The gap between the two has been building for some time. Leaving aside a debate about the politicisation of labour data in an election year, the difference between the two sets of stats at the very least creates some doubt about the real strength of the US labour market. The January NFP numbers also showed a fall in hours worked versus the prior month (34.1 Jan vs 34.3 Dec), a small but notable change given the likely reluctance of employers to commit to layoffs given hiring difficulties over the past few years - the first step in a business slowdown is to reduce hours worked. The more draconian move of sacking comes later.
While Friday’s NFP data saw the December employment data revised higher, the trend in 2023 had very much been about revising prior employment data lower. The participation rate remains stuck at a low 62.5%, and there are suggestions that the quality of new jobs has been low, with more people looking to take on part-time work while full-time employment has been falling. The government sector has been a key contributor to 2023 employment growth.
Economic growth comes from a combination of work done in an economy and how efficient that work is. Short of a productivity miracle (AI needs to do this right now..), then overstating the strength of the labour market may well mean overstating potential GDP growth.
With GDP growth and employment data questionable, the issue of the appropriate natural rate of interest then turns to the US fiscal position. The graph above shows the extraordinary situation of the US deficit - $1.7 trillion in 2023, and with Q1 fiscal year 2024 already clocking $500 billion, the deficit is nearing double digits even with unemployment at a historic low.
The question of the right rate of interest for the economy is therefore being complicated by the spiralling cost of interest payments on the Federal debt, a problem exacerbated by US Treasury sleight of hand in 2023 in favouring shorter-dated bill issuance over longer-dated maturities. This has been great for managing the yield curve and market liquidity, but adds to the government’s funding costs as short-dated interest rates are currently higher than long-dated ones.
The graph above shows the rapid increase in the annual cost of servicing US Federal debt, now over $1 trillion per annum and likely to rise if the Fed stays higher for longer as seems to be the case. Deficits always rise during slow-downs and recessions as tax revenues fall and the automatic stabilisers of unemployment benefits kick in. A hard landing in the US would likely see a double-digit US Federal deficit.

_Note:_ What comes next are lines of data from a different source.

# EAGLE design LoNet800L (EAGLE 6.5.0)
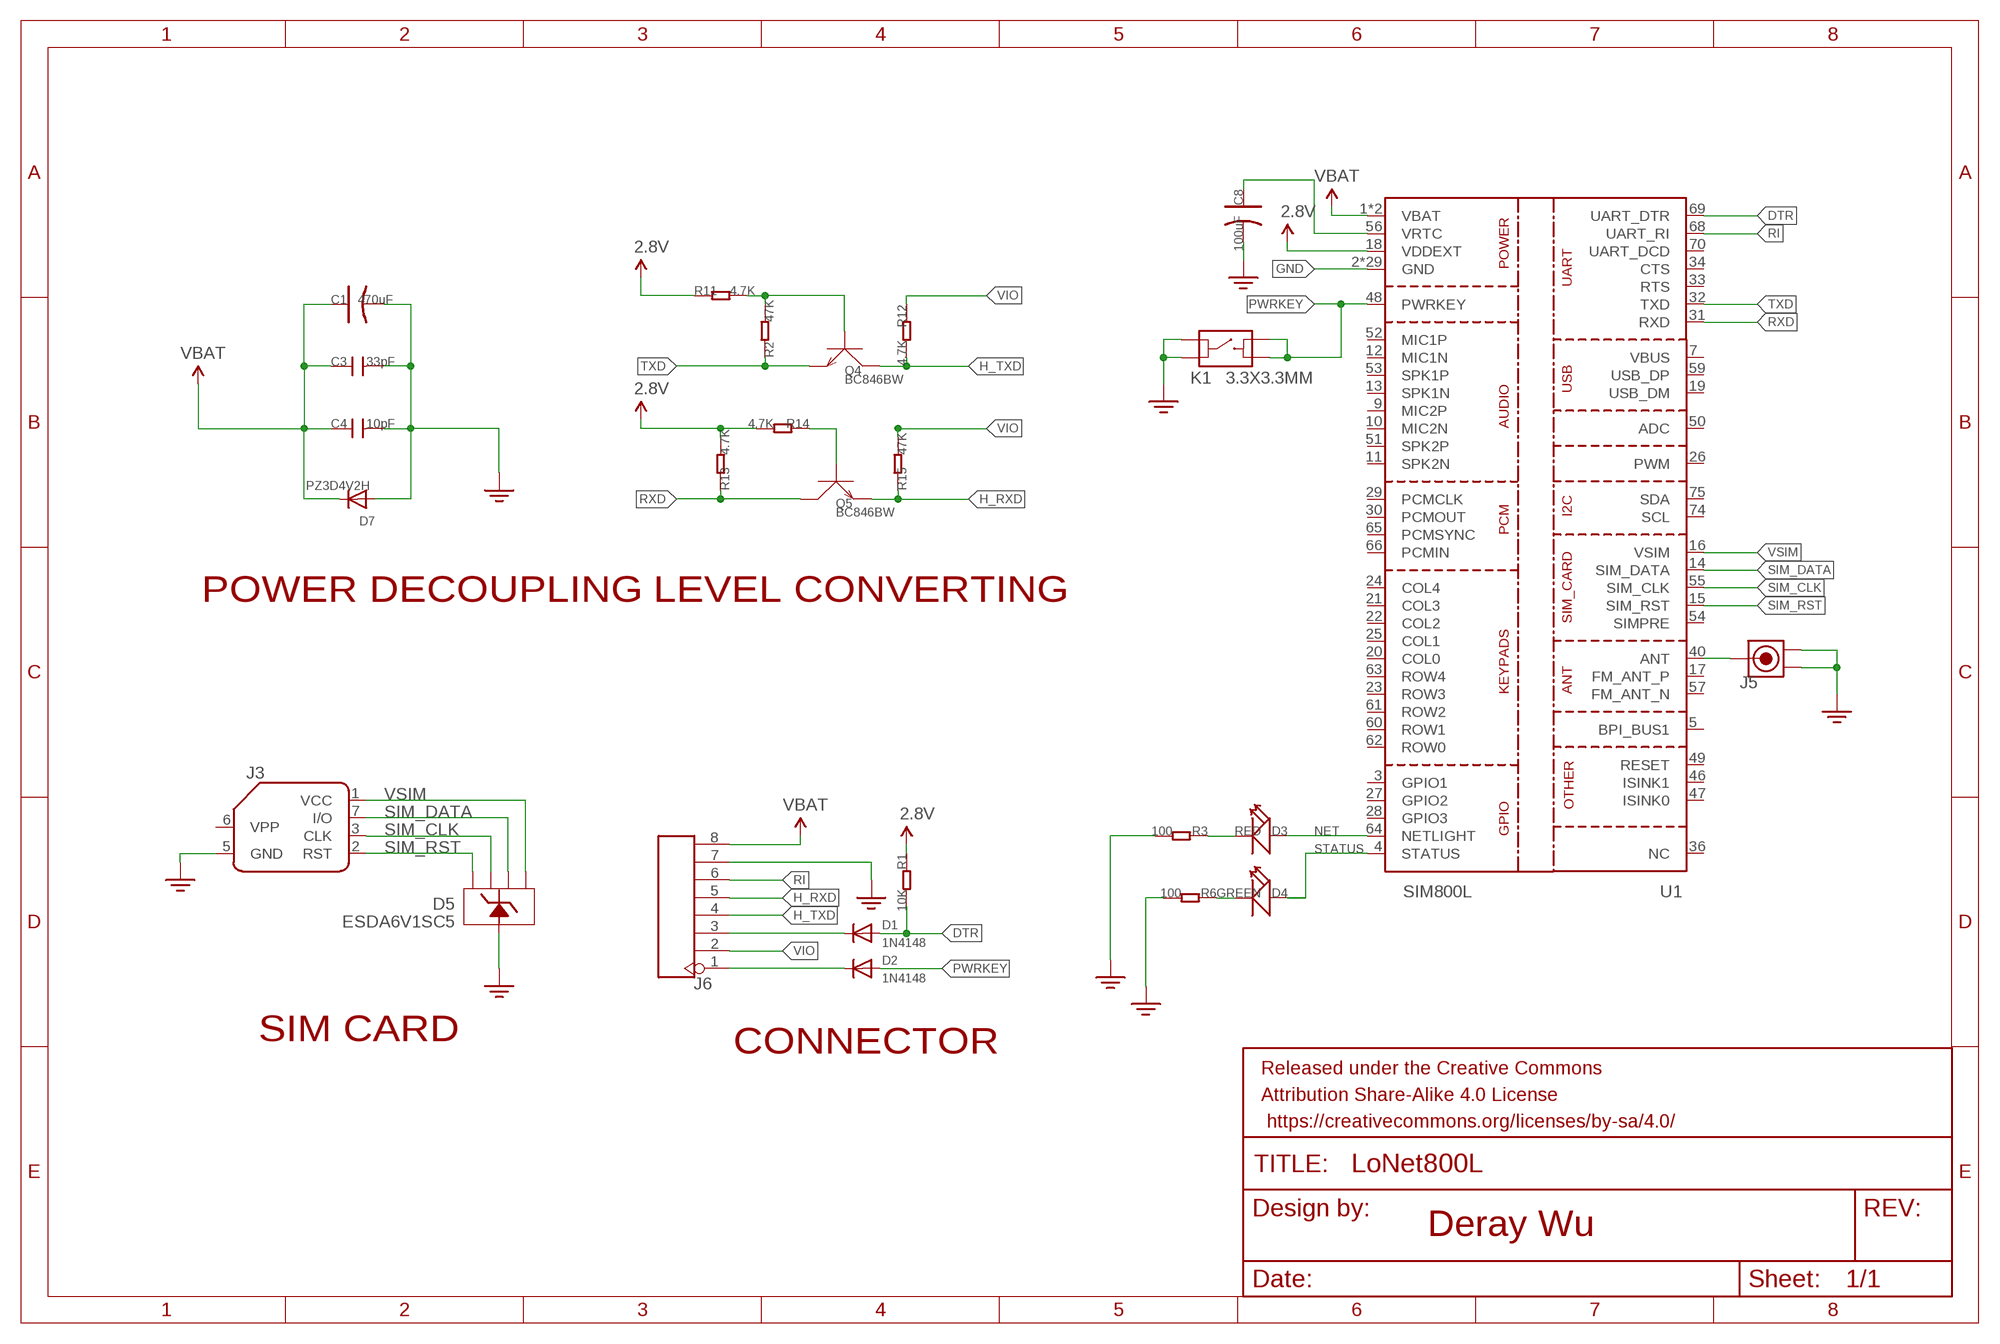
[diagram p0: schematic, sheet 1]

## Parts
C1  470uF  CAP-AVX-D  [AVX-D]
C3  33pF  C-0603  [C0603]
C4  10pF  C-0603  [C0603]
C8  100uF  CAP-AVX-A  [AVX-A]
D1  1N4148  DIODESOD-323F  [SOD-323F]
D2  1N4148  DIODESOD-323F  [SOD-323F]
D3  RED  LED-0603  [0603]
D4  GREEN  LED-0603  [0603]
D5  ESDA6V1SC5  D-ESD-ESDA6V1SC5-SOT23-5L  [SOT23-5L]
D7  PZ3D4V2H  DIODESOD-323F  [SOD-323F]
J3  SIMHOLDERSIM  [SIMHOLDER]
J5  ANTENNA-U-FL'3PAD-TYPE'  [3P-U-FL]
J6  HEADER-8P-2.54  [8P-2.54]
K1  3.3X3.3MM  BUTTON-4P-3.3X3.3  [4P-SMD-3.4X3.4X1.3H]
Q4  BC846BW  TRANSISTOR-NPN-SOT323  [SOT323]
Q5  BC846BW  TRANSISTOR-NPN-SOT323  [SOT323]
R1  10K  R-0603  [0603]
R2  47K  R-0603  [0603]
R3  100  R-0603  [0603]
R6  100  R-0603  [0603]
R11  4.7K  R-0603  [0603]
R12  4.7K  R-0603  [0603]
R13  4.7K  R-0603  [0603]
R14  4.7K  R-0603  [0603]
R15  47K  R-0603  [0603]
U1  SIM800L  [88P-17.8X15.8X2.4]

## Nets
2.8V: R1.1 R11.1 R13.2 R14.2 U1.18(VDDEXT)
ANT: J5.D U1.40(ANT)
DTR: D1.A R1.2 U1.69(UART_DTR)
GND: C1.- C3.2 C4.2 C8.- D5.2 D7.A J3.5(GND) J5.GND1 J5.GND2 J6.7 K1.A0 K1.A1 R3.2 R6.2 U1.2(GND) U1.6(GND) U1.8(GND) U1.35(GND) U1.37(GND) U1.38(GND) U1.39(GND) U1.41(GND) U1.43(GND) U1.44(GND) U1.45(GND) U1.58(GND) U1.67(GND) U1.71(GND) U1.72(GND) U1.73(GND) U1.76(GND) U1.77(GND) U1.78(GND) U1.79(GND) U1.80(GND) U1.81(GND) U1.82(GND) U1.83(GND) U1.84(GND) U1.85(GND) U1.86(GND) U1.87(GND) U1.88(GND)
H_DTR: D1.C J6.3
H_RXD: J6.5 Q5.2(E) R15.1
H_TXD: J6.4 Q4.3(C) R12.2
N$1: C8.+ U1.56(VRTC)
N$4: D3.- R3.1
N$6: Q4.1(B) R2.2 R11.2
N$8: D4.- R6.1
N$9: Q5.1(B) R14.1
NET: D3.+ U1.64(NETLIGHT)
PWR: D2.C J6.1
PWRKEY: D2.A K1.B0 K1.B1 U1.48(PWRKEY)
RI: J6.6 U1.68(UART_RI)
RXD: Q5.3(C) R13.1 U1.31(RXD)
SIM_CLK: D5.5 J3.3(CLK) U1.55(SIM_CLK)
SIM_DATA: D5.3 J3.7(I/O) U1.14(SIM_DATA)
SIM_RST: D5.4 J3.2(RST) U1.15(SIM_RST)
STATUS: D4.+ U1.4(STATUS)
TXD: Q4.2(E) R2.1 U1.32(TXD)
VBAT: C1.+ C3.1 C4.1 D7.C J6.8 U1.1(VBAT) U1.42(VBAT)
VIO: J6.2 R12.1 R15.2
VSIM: D5.1 J3.1(VCC) U1.16(VSIM)
Unconnected: J3.6(VPP) U1.3(GPIO1) U1.5(BPI_BUS1) U1.7(VBUS) U1.9(MIC2P) U1.10(MIC2N) U1.11(SPK2N) U1.12(MIC1N) U1.13(SPK1N) U1.17(FM_ANT_P) U1.19(USB_DM) U1.20(COL0) U1.21(COL3) U1.22(COL2) U1.23(ROW3) U1.24(COL4) U1.25(COL1) U1.26(PWM) U1.27(GPIO2) U1.28(GPIO3) U1.29(PCMCLK) U1.30(PCMOUT) U1.33(RTS) U1.34(CTS) U1.36(NC) U1.46(ISINK1) U1.47(ISINK0) U1.49(RESET) U1.50(ADC) U1.51(SPK2P) U1.52(MIC1P) U1.53(SPK1P) U1.54(SIMPRE) U1.57(FM_ANT_N) U1.59(USB_DP) U1.60(ROW1) U1.61(ROW2) U1.62(ROW0) U1.63(ROW4) U1.65(PCMSYNC) U1.66(PCMIN) U1.70(UART_DCD) U1.74(SCL) U1.75(SDA)

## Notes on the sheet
- POWER DECOUPLING | LEVEL CONVERTING
- SIM CARD
- CONNECTOR
- Deray Wu

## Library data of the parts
C1 = Common:CAP*
C3 C4 = Capacitors:C*
C8 = Capacitors:CAP*
D1 D2 D7 = Semiconductors:DIODE: Diode
D3 D4 = LEDs:LED*
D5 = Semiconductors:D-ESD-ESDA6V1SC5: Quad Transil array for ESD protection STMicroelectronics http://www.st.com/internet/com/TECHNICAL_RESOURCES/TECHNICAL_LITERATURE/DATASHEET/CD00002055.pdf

A growing number of economists and market commentators are highlighting the risk of the government sector crowding out the private sector through ‘fiscal dominance’, and it worth noting that the strong US GDP data in Q4 (3.1% annualised growth) came with the US having to run a 7-8% annual fiscal deficit. While the bond market is still functional, the numbers are starting to raise eyebrows - and this is in the good times.
However it pans out, 2024 is going to be a key year for markets. The stock market (or parts of it) are acting like it’s a boom. The oil market is looking like it’s a recession. Inflation is sticky, and geopolitics aren’t helping. The labour market is ostensibly tight, but there are real questions about what’s going on under the hood. There are ongoing rumblings in the US banking sector, particularly with respect to commercial real estate. 2024 is going to be a year of real uncertainty - not least in divining what the right rate of interest is this year and in the coming ones. Good luck, Mr Powell.